Anyone ever got a bird there in Spring Valley,Ohio by Waynesville?


----------



## Darron

there are turkeys there, but very tough. TONS of hunting pressure on the state ground and private ground is very tough to get on. They shoot birds there every year, but I have heard some horror stories there too....one story was in the dayton newspaper a couple years ago.


----------



## Qd74

what horror story? bad hunting or people?


----------



## Darron

Qd74 said:


> what horror story? bad hunting or people?


Here's a spring valley turkey taken on a property my buddy has access to hunt. We had two coming in from opposite directions and just so happens mine came in first. I would not dare step on state land in that immediate area. Too many yahoos blowing owl calls. Even private land can be tough.


----------



## 9Left

Darron said:


> Here's a spring valley turkey taken on a property my buddy has access to hunt. We had two coming in from opposite directions and just so happens mine came in first. I would not dare step on state land in that immediate area. Too many yahoos blowing owl calls. Even private land can be tough.

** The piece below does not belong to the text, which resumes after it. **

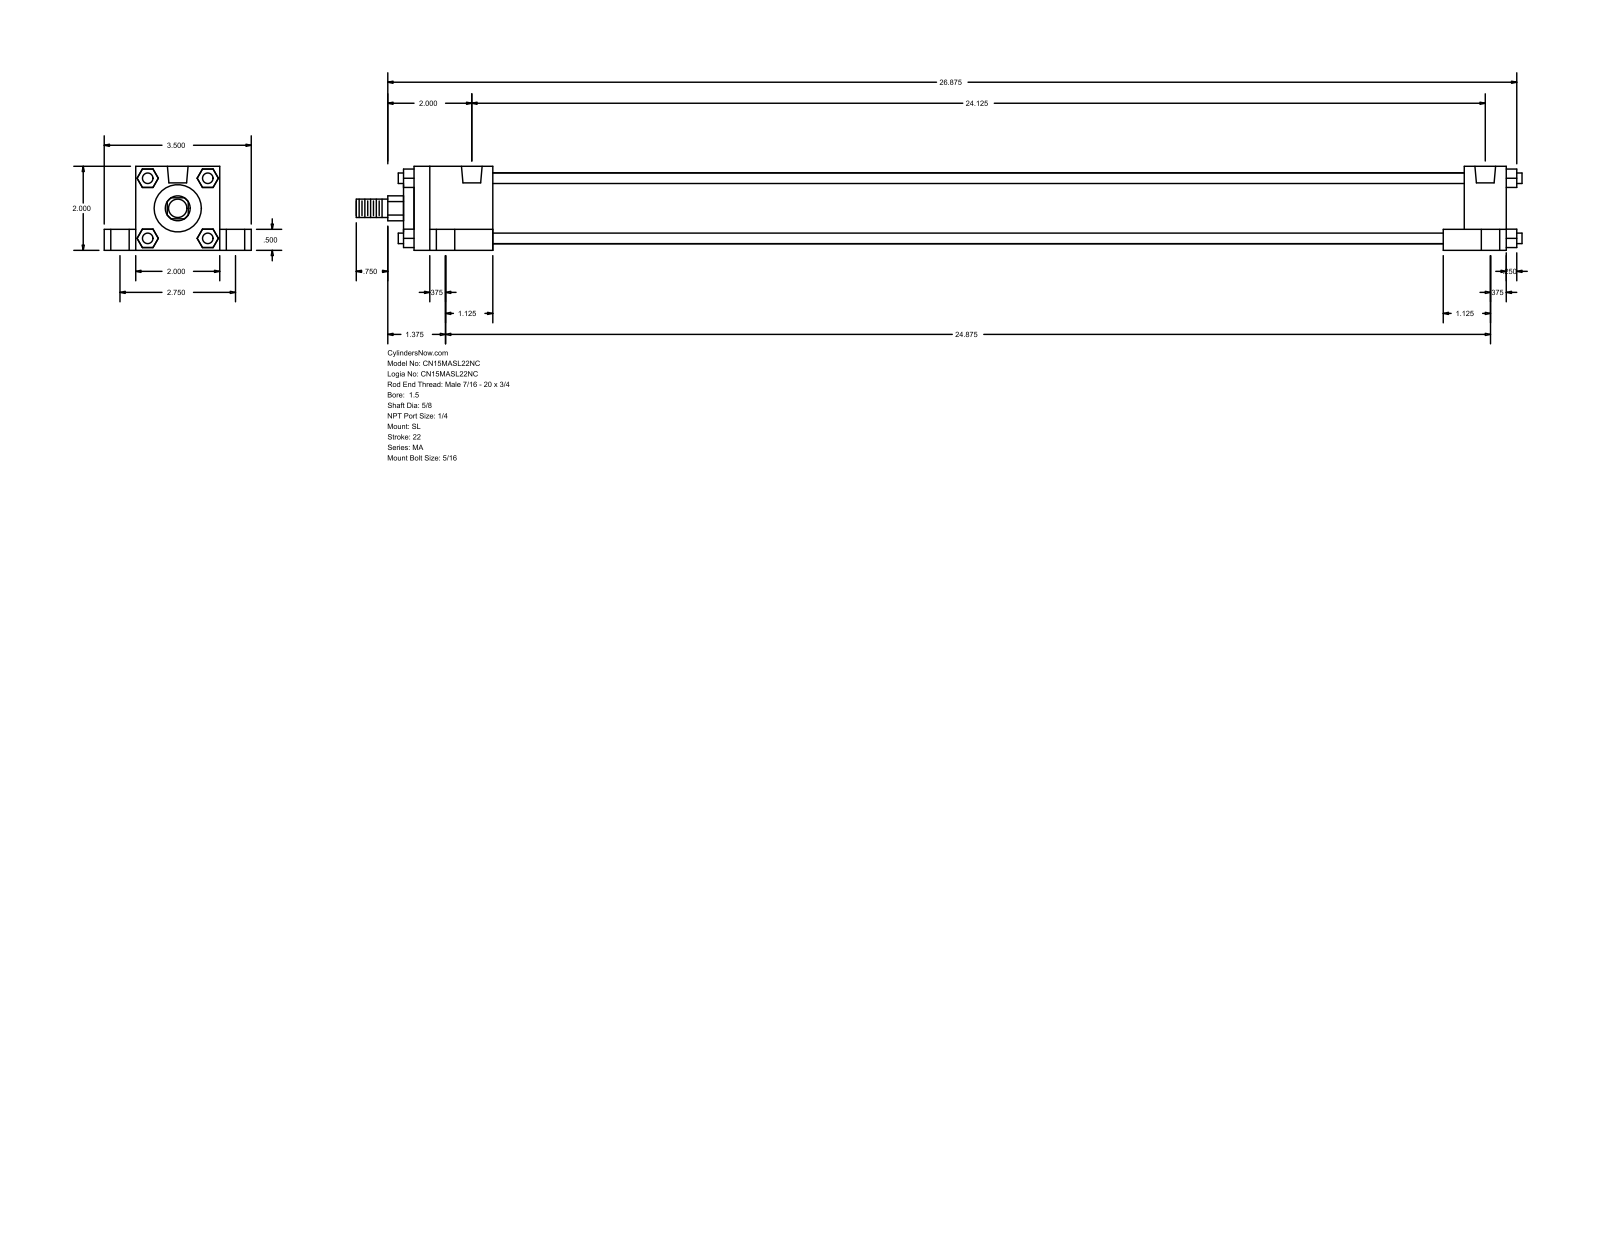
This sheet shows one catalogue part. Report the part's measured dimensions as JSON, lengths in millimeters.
{"part_name": "MA_SL__0150_0.625", "step_written_by": "GSSL Pune (CONFIG_CONTROL_DESIGN)", "units": "millimeters", "bodies": {"solids": 0, "faces": 148, "planar": 112, "cylindrical": 36, "other": 0}, "overall_size": [704.85, 88.9, 50.8], "round_holes": [[7.94, 4], [11.11, 4], [17.46, 4], [12.49, 2]], "round_bosses_or_shafts": [[6.35, 4], [42.93, 1], [28.57, 1], [15.88, 1], [11.11, 1]], "partial_cylinders_radius": [[7.54, 1]], "face_to_face_distances": [50.8, 19.05, 38.1, 69.85, 12.7, 660.39, 6.35, 9.52, 666.74, 635], "hole_center_spacings": [35.06, 38.36, 69.84, 612.78, 616.94, 629.63, 631.83, 635.68]}
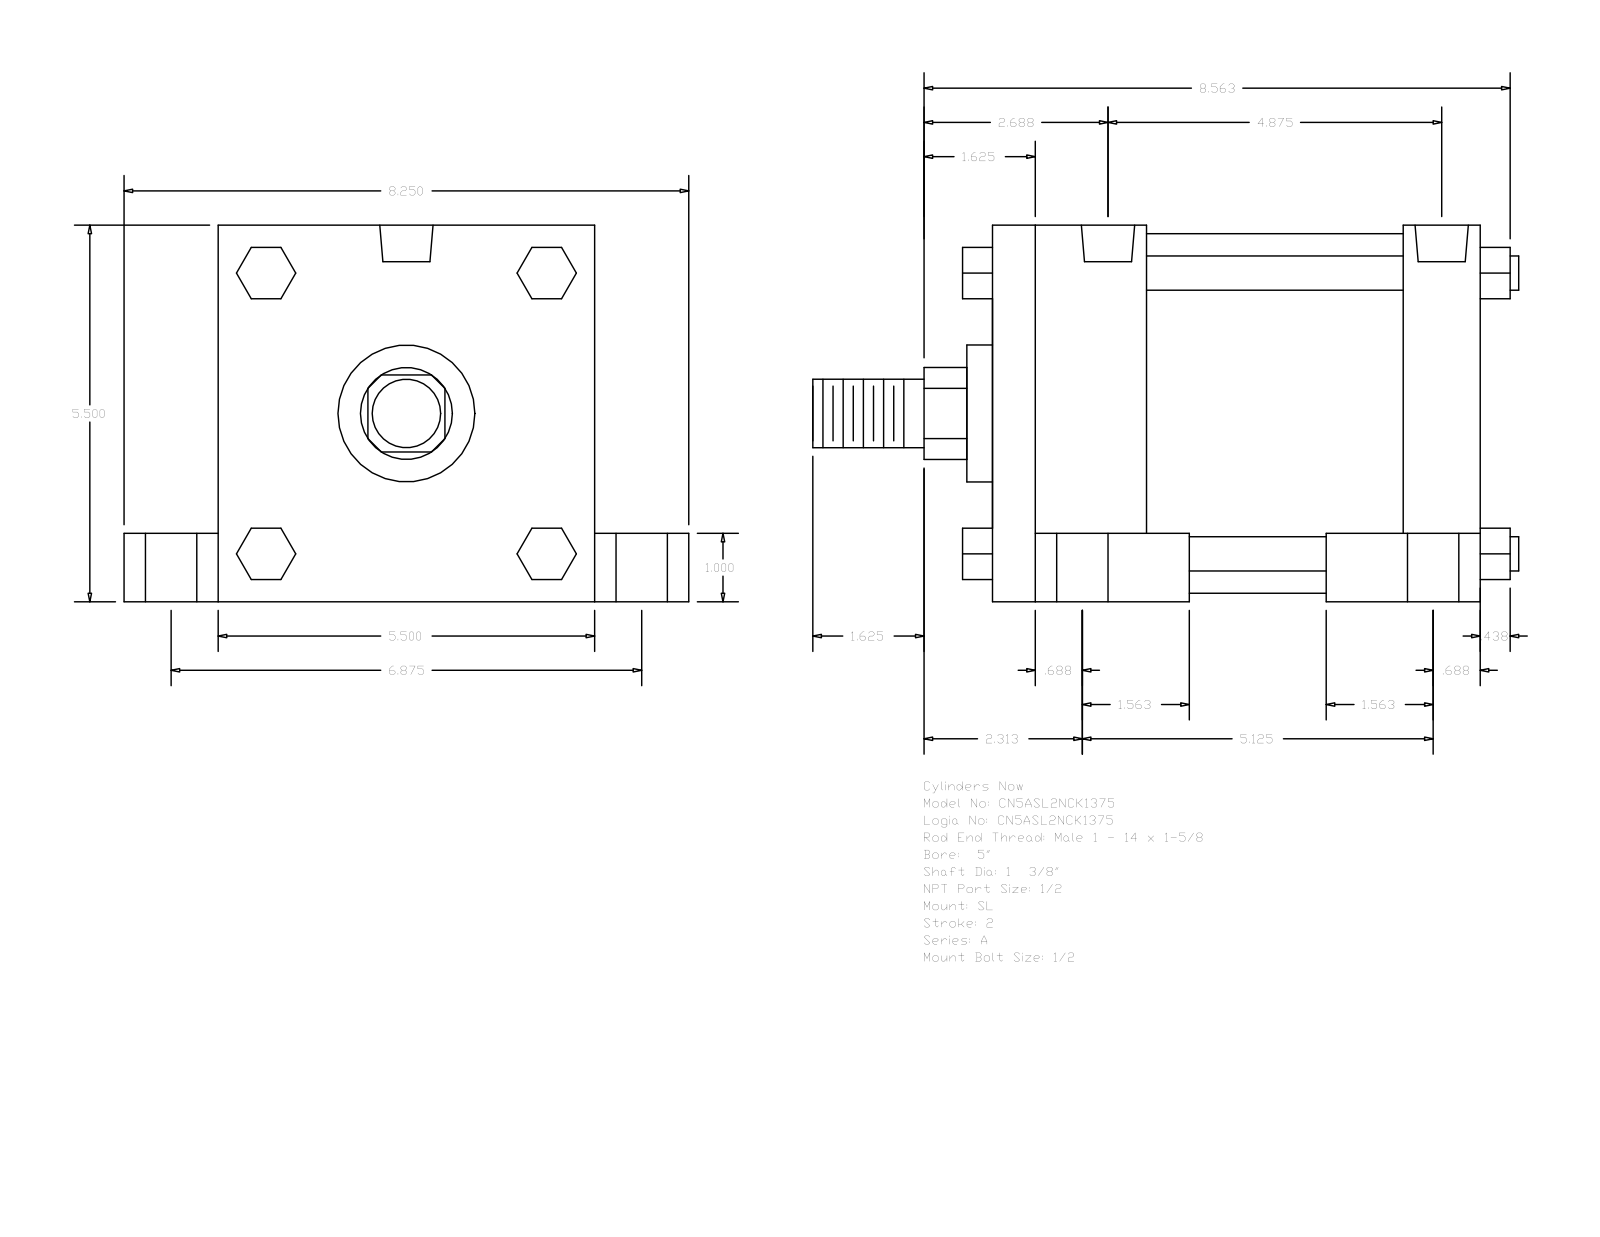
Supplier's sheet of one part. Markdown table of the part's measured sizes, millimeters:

yea...ive heard plenty of turkeys while fishing on CC in the spring..but I would not ignore some of the advice posted on here..public land down that way gets very heavily hunted for turkey...the birds are hard to hunt so if you accidentally walk in on someone..tempers fly pretty quick.


----------



## Carpn

I wouldn't bother with the public but if you get out that way and start knocking on doors and get some private you might do ok .


----------



## Darron

Carpn said:


> I wouldn't bother with the public but if you get out that way and start knocking on doors and get some private you might do ok .


Next to impossible to get in private unless u know someone which is how we got access. If u do get access plan on it being like state land. We have beat the doors down un that area. Helps that my buddy owns some property there too...people know him duevto this


----------